(Records for this task Opens)

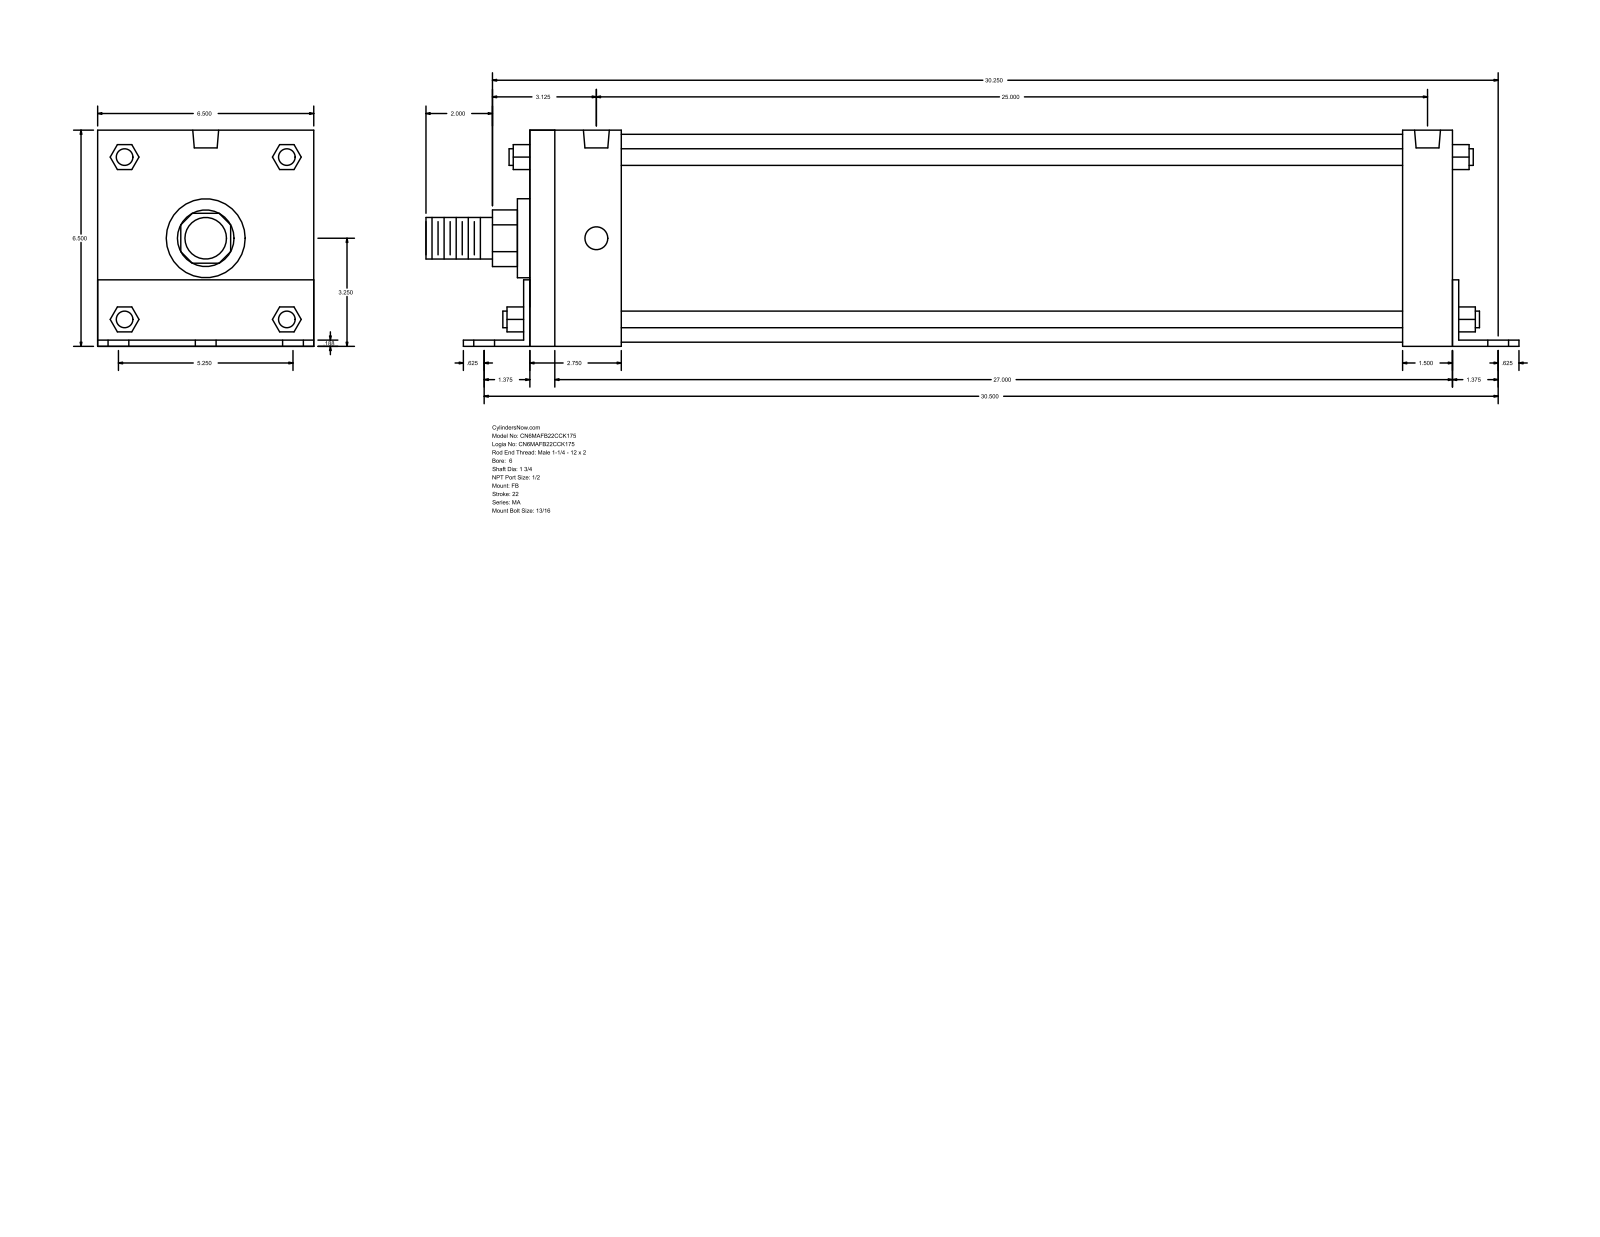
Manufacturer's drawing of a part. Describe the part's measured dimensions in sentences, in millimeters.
The part is named "MA_FB__0600_1.75". Its 3-D file was written by "GSSL Pune (CONFIG_CONTROL_DESIGN)". It is 0 solids with 140 faces: 105 planar, 35 cylindrical and 0 other. Overall it measures 835.02 by 165.15 by 165.1 millimeters. Round holes: 6 of diameter 20.64, 4 of diameter 17.46, 2 of diameter 19.77. Round bosses or shafts: 4 of diameter 12.7, 1 of diameter 158.75, 1 of diameter 60.33, 1 of diameter 44.45, 1 of diameter 31.75. Partial cylindrical surfaces (rounded edges, fillets, slot ends): 1 of radius 21.63, 1 of radius 32.05. The main face-to-face distances are 165.1, 4.76, 704.85, 165.15, 4.71, 160.39, 69.85, 74.61, 4.77, 709.62. The hole center spacings are 66.67, 777.56, 774.7, 85.78, 108.6, 133.34, 635, 692.19.
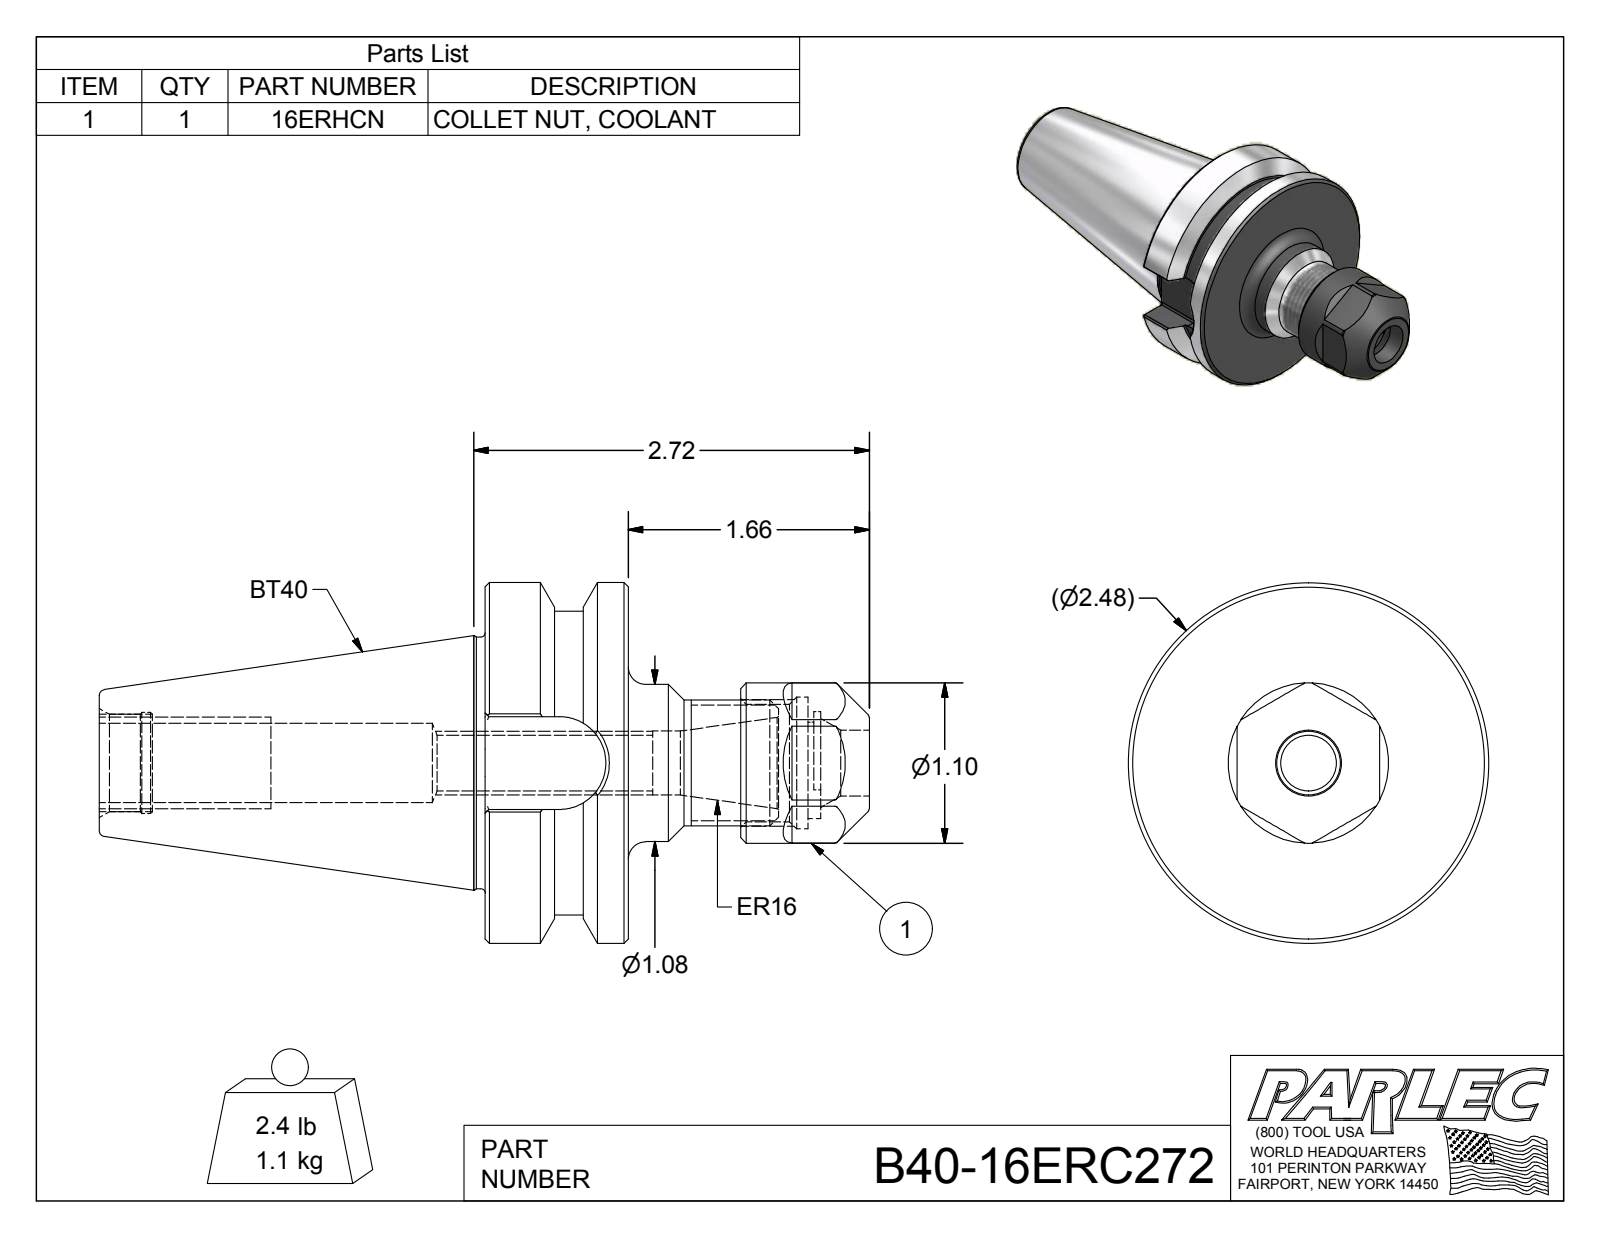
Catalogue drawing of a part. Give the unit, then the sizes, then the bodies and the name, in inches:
Units: inches
Overall size (bounding box): 5.295 × 2.48 × 2.48
Round holes (diameter × count): ⌀0.383 ×1, ⌀0.44 ×1, ⌀0.453 ×1, ⌀0.545 ×1, ⌀0.661 ×1, ⌀0.67 ×1, ⌀0.694 ×1, ⌀0.807 ×1, ⌀0.906 ×1
Round bosses / shafts (diameter × count): ⌀2.48 ×1, ⌀2.087 ×1, ⌀1.73 ×1, ⌀1.102 ×1, ⌀1.08 ×1, ⌀0.866 ×1, ⌀0.669 ×1
Partial cylindrical surfaces — rounded edges, fillets, slot ends (radius × count): R0.02 ×8, R0.319 ×1, R0.354 ×1
Main face-to-face distances: 0.984, 0.979, 1.78, 2.653, 3.637, 0.401, 1.38, 4.874, 2.221, 1.237
Hole centre spacings: 0.051
Volume: 8.397 in³ · Surface area: 45.54 in²
Bodies: 2 solids, 108 faces (42 planar, 30 cylindrical, 36 other)
Part name (STEP PRODUCT): B40-16ERC272; B40-16ER2-1; 16ERHCN
STEP written by: Autodesk Inventor 2012 (AUTOMOTIVE_DESIGN)
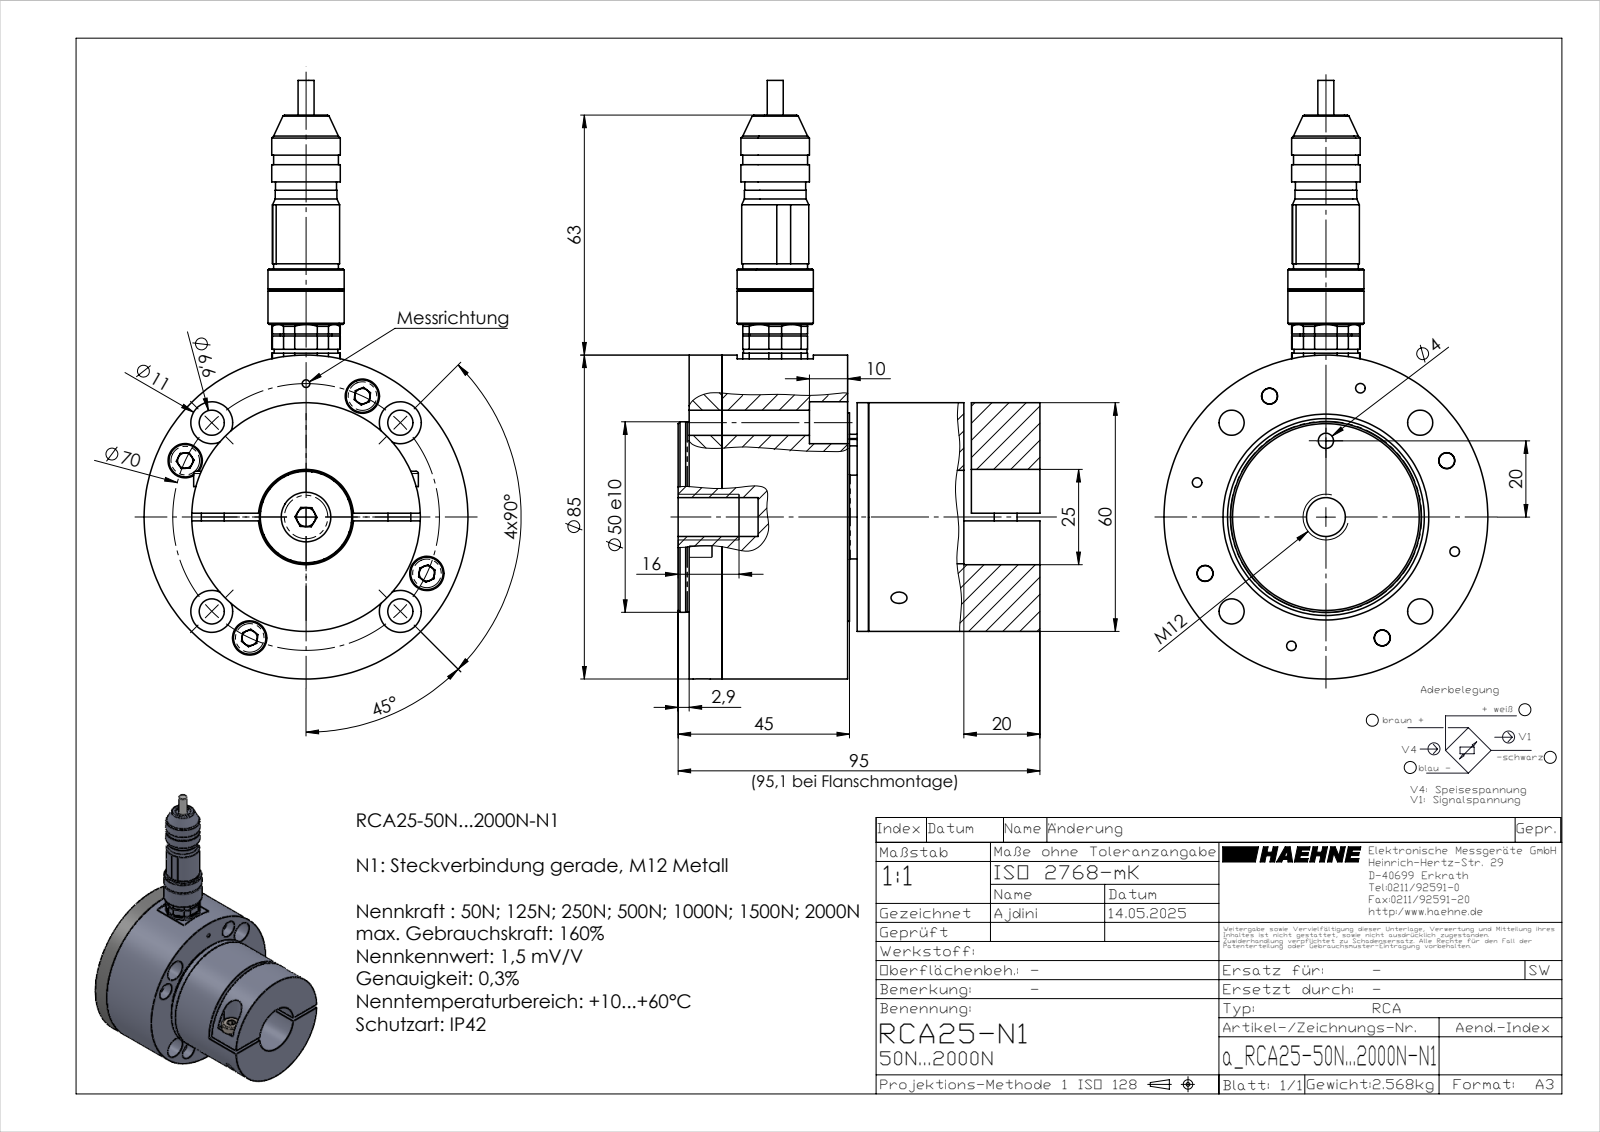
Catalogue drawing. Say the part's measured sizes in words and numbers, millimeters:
The part is named "inafag_1203-tvh_7zkvytp7yxkimpdvw8sj0b5w4_14; Y02043Z1 inafag_1203-tvh_7zkvytp7yxkimpdvw8sj0b5w4; a_RC-N2 Flanschmontage Scheibe; inafag_1203-tvh_7zkvytp7yxkimpdvw8sj0b5w4_04 (+8 more)". Its 3-D file was written by "SolidWorks 2023 (AUTOMOTIVE_DESIGN)". It is 54 solids with 743 faces: 377 planar, 203 cylindrical and 163 other. Overall it measures 157.06 by 95.1 by 85 millimeters. Its volume is 373 504 cubic millimeters and its surface area 114 133 square millimeters. Round holes: 9 of diameter 3.4, 8 of diameter 2.5, 6 of diameter 6.6, 5 of diameter 1, 5 of diameter 4.2, 4 of diameter 4, 4 of diameter 5.3, 4 of diameter 9, 4 of diameter 11, 2 of diameter 4.5, 2 of diameter 5, 1 of diameter 2. Round bosses or shafts: 9 of diameter 3, 8 of diameter 5.7, 4 of diameter 8.5, 4 of diameter 5, 4 of diameter 1.5, 4 of diameter 1, 2 of diameter 17, 2 of diameter 10. Partial cylindrical surfaces (rounded edges, fillets, slot ends): 6 of radius 0.3, 4 of radius 1, 2 of radius 5.5, 1 of radius 0.57, 1 of radius 0.6, 1 of radius 0.77, 1 of radius 3.5. The main face-to-face distances are 3, 2, 8.6, 47.1, 45, 11.6, 50, 30, 35.5, 38.5. The hole center spacings are 35, 49.5, 24.78, 25.2, 32.8, 51.14, 56.46, 2.5.
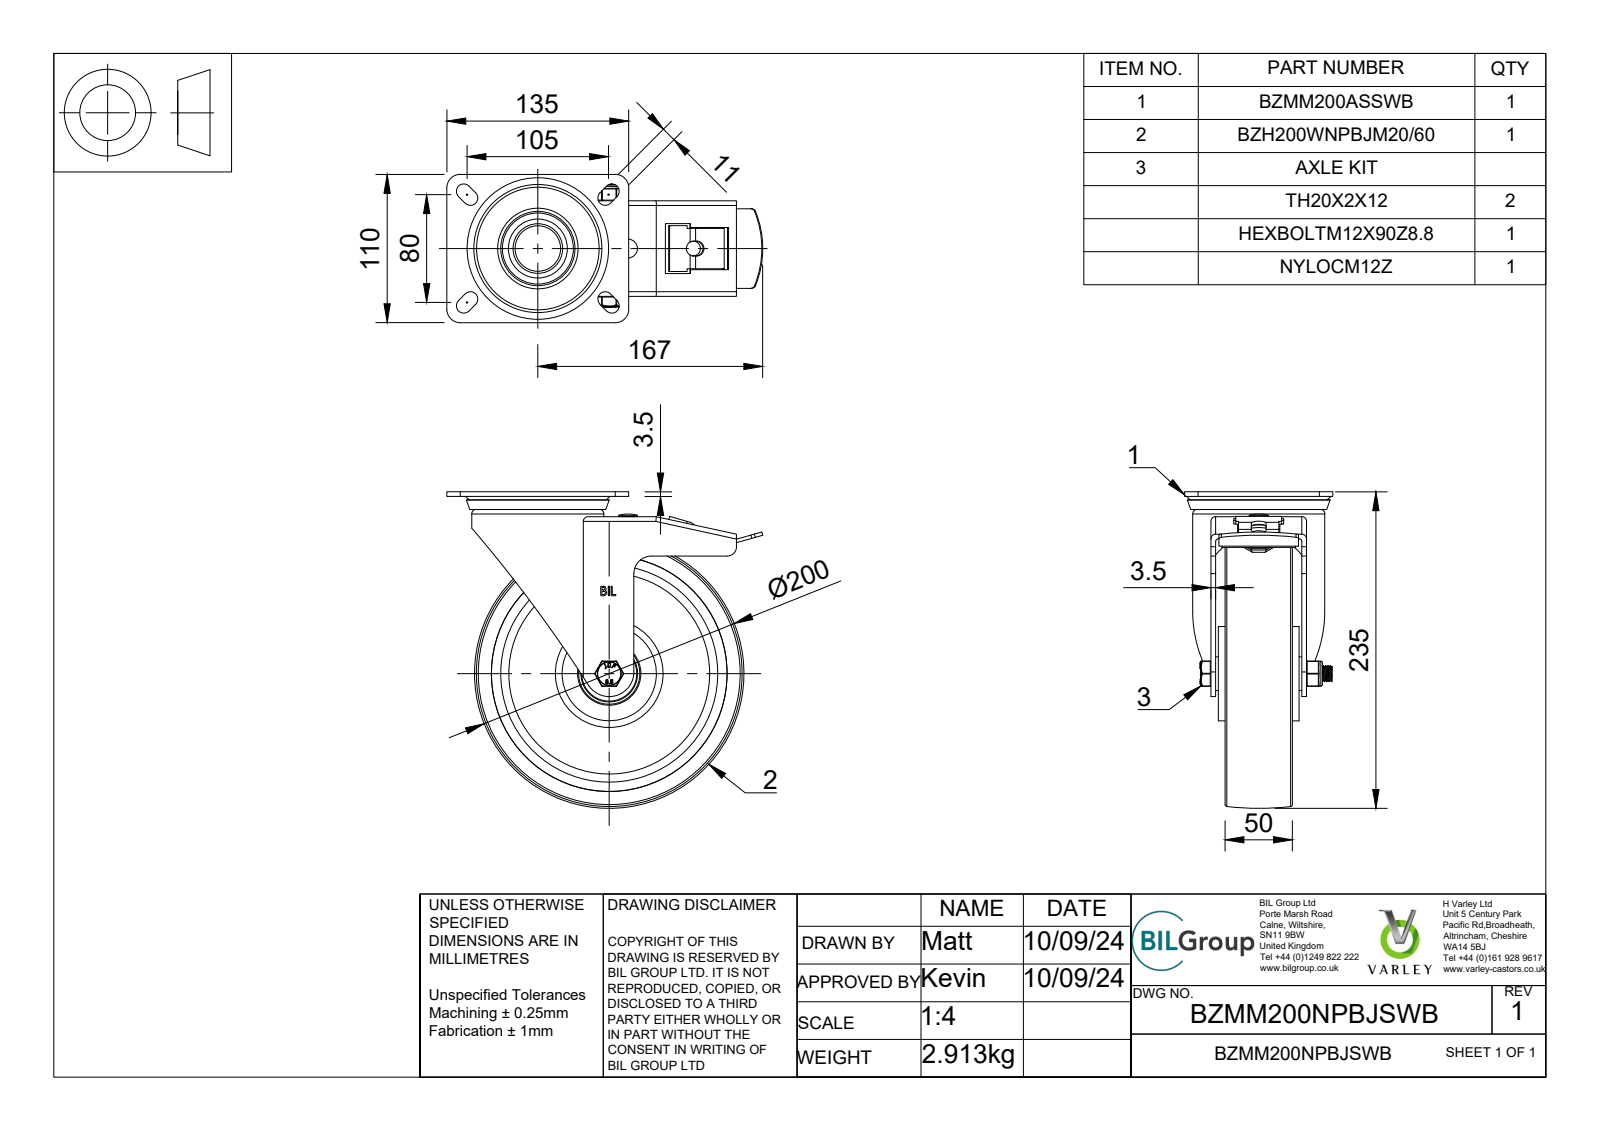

(Records for this task Closes)

Wherever the string "inches" occurs in the records, copy the line it is in.

Catalogue drawing of a part. Give the unit, then the sizes, then the bodies and the name, in inches:
Units: inches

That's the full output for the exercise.